Check that Grafana can discover the AUP Learning Cloud dashboards through the dashboard ConfigMap:

```bash
kubectl -n monitoring describe configmap grafana-dashboard-aup-hub
```

The ConfigMap should contain these dashboard files:

```text
aup-hub-operations.json
aup-hub-notebook-resources.json
```

If your Grafana deployment uses the standard sidecar dashboard loader, these ConfigMaps are enough. You do not need to expose Grafana publicly just to validate this step.

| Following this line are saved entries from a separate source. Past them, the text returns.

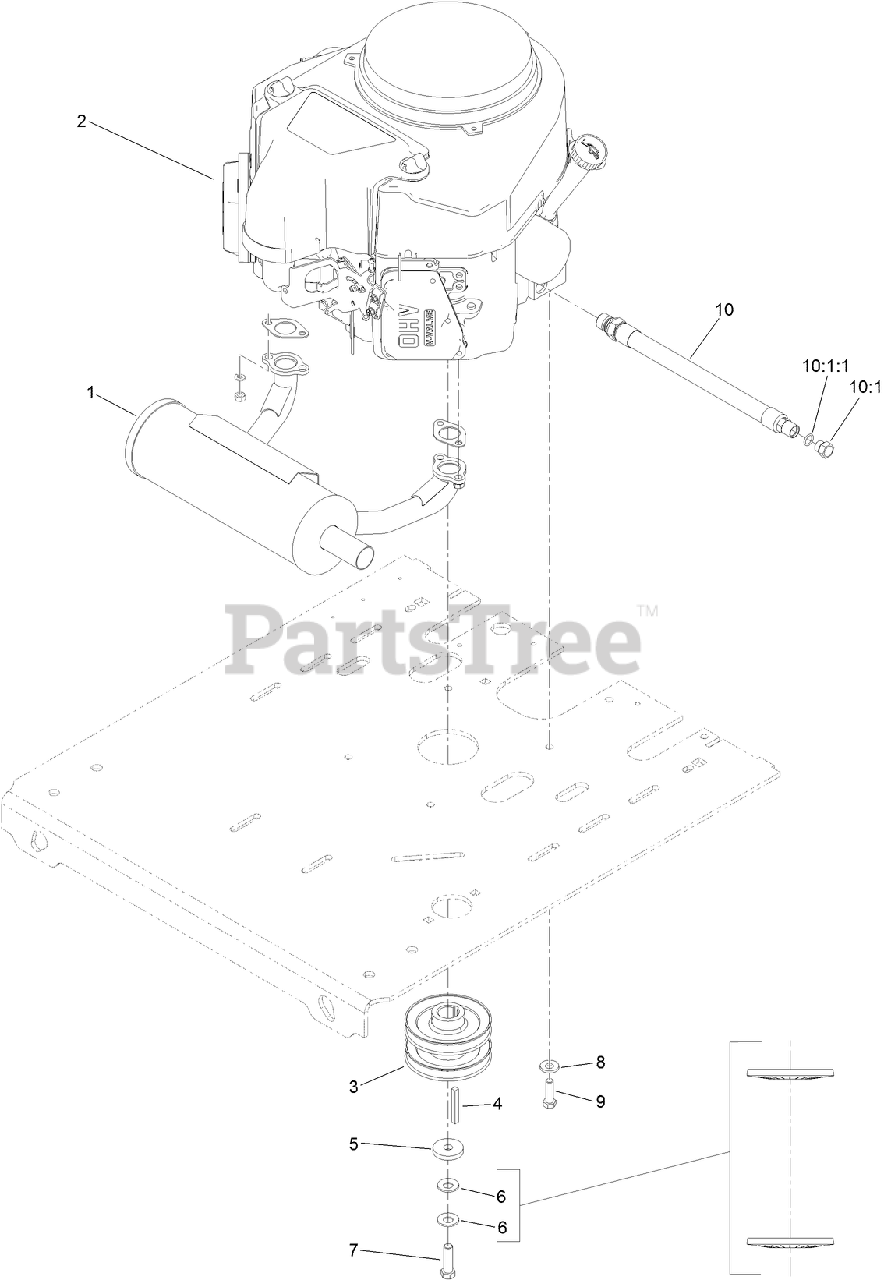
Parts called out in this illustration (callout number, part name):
1	MUFFLER-HORIZONTAL
3	PULLEY
5	WASHER-CLUTCH
6	WASHER-SPRING
7	SCREW-HH, W/LOCTITE
8	WASHER-BELLEVILLE
9	SCREW-HH
10	ENGINE OIL DRAIN HOSE ASM
10:1	PLUG-HH
10:1:1	O-RING
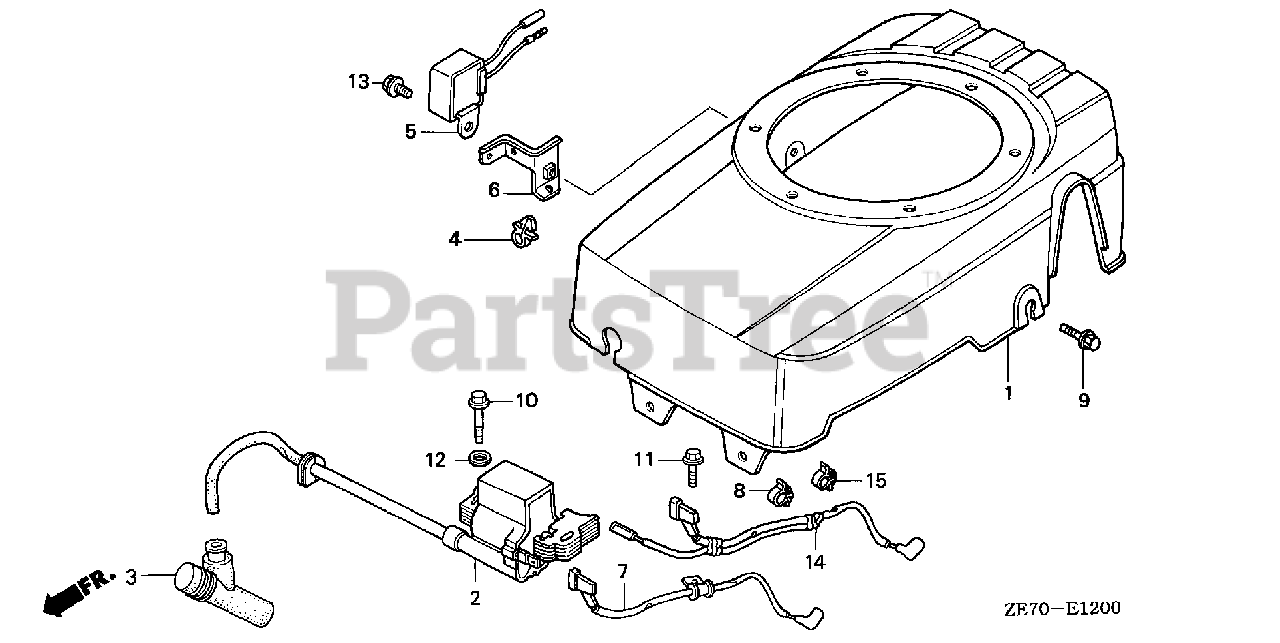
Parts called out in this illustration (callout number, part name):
1	COVER, FAN *R8* (BRIGHT RED)
2	COIL ASSY., IGNITION
3	CAP ASSY., NOISE SUPPRESSOR
8	HOLDER, STOP SWITCH WIRE
9	BOLT, FLANGE (6X14) (CT200)
10	BOLT, FLANGE (6X25) (CT200)
11	BOLT, FLANGE (5X10)
14	WIRE, STOP SWITCH (BRAKE)
15	CLIP, WIRE HARNESS (6MM) (WHITE)

Useful AUP Learning Cloud Hub metrics include:

- `hub_spawn_gpu_total`
- `hub_spawn_failed_total`
- `hub_active_sessions`
- `hub_session_runtime_minutes`
- `hub_spawn_duration_seconds`
- `hub_quota_denied_total`
- `hub_quota_deducted_total`
- `hub_pod_failure_total`
- `hub_repo_clone_failed_total`

## Troubleshooting

### ServiceMonitor Exists but Prometheus Does Not Scrape It

Check the `release` label:

```bash
kubectl -n monitoring get servicemonitor hub-metrics --show-labels
```

If Prometheus expects a different label, update `monitoring.releaseLabel` and run the Helm upgrade again.

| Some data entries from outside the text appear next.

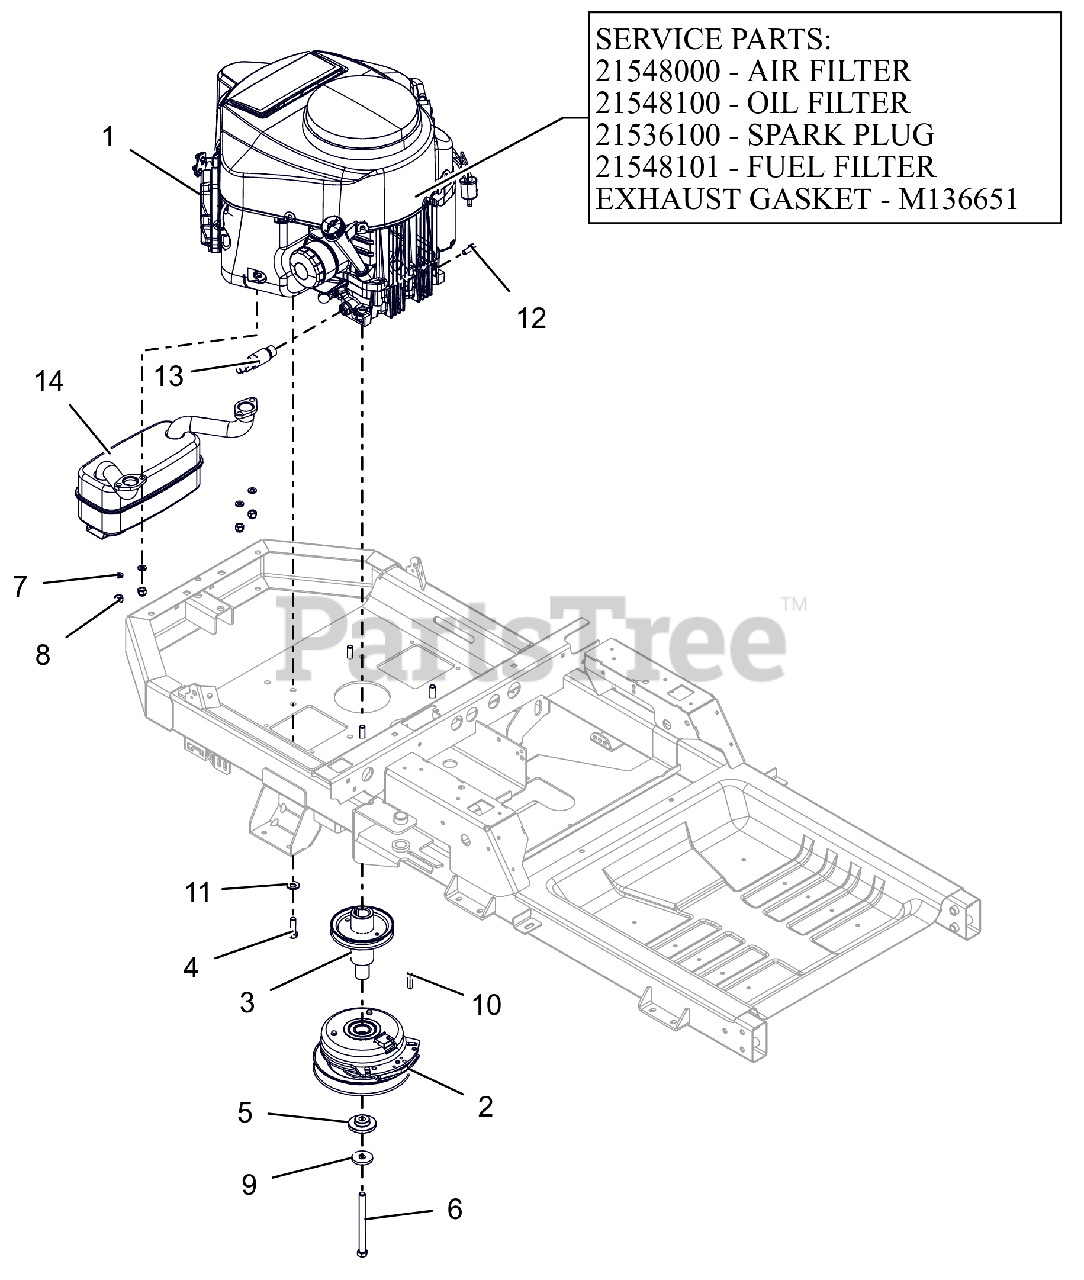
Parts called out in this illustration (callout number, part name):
1	ENGINE, KAWASAKI FR651V 21.5HP
1	AIR FILTER, KAWASAKI FR
1	OIL FILTER, KAWASAKI FR
1	PLUG, SPARK
1	FUEL FILTER-KAWASAKI FR
1	GASKET, MUFFLER #
2	CLUTCH,105FTLB MONOPOLE 6.83"
3	WLDMT, DRIVE SHEAVE (LG XL)CZC
4	BLT, HEX .38-16X1.25 G5 ZCC NT
5	BSHG-FLG .469X1.06X.574X2.0
6	BLT-HEX.438-20X5 GR8 YZ NYTORQ
7	WSHR,LK-REG .312X.078 ZCC
8	NUT,NYL M8-1.25 G8.8 ZCC
9	WASHER, 7/16" SPRING DISK
10	KEY-SQ .25 X 1.25 X .25 SAE
11	WASHER, 3/8" SPRING DISC
12	BLT, HEX M8-1.25X20 G8.8 ZCC
13	DRAIN, OIL M20X2.5
14	MUFFLER - KAWASAKI

### Target Is Down or Returns Unauthorized

Use authenticated ServiceMonitor scraping in production:

```yaml
monitoring:
  hubMetrics:
    allowUnauthenticatedScrape: false
    serviceAnnotations:
      enabled: false
  serviceMonitor:
    enabled: true
    authorization:
      enabled: true
```

Annotation-based scraping cannot attach the JupyterHub token. It only works when unauthenticated metrics scraping is allowed, which should be limited to isolated development environments.

### Token Secret Is Missing

Confirm these values are enabled:

```yaml
monitoring:
  enabled: true
  hubMetrics:
    enabled: true
  serviceMonitor:
    enabled: true
    authorization:
      enabled: true
      secret:
        create: true
```

The chart also validates that `monitoring.serviceMonitor.authorization.hubServiceName` exists under `hub.services` and has a matching `hub.loadRoles` entry with the `read:metrics` scope.

### Grafana Dashboards Do Not Appear

Check that the dashboard ConfigMap was created:

```bash
kubectl -n monitoring get configmap grafana-dashboard-aup-hub --show-labels
```

The ConfigMap uses `grafana_dashboard: "1"`. Your Grafana sidecar or dashboard loader must watch the `monitoring` namespace and this label.

### Prometheus Alerts Do Not Appear

Check the rule label and namespace:

```bash
kubectl -n monitoring get prometheusrule hub-alerts --show-labels
```

The rule must be in a namespace watched by the Prometheus Operator, and its `release` label must match the operator's rule selector.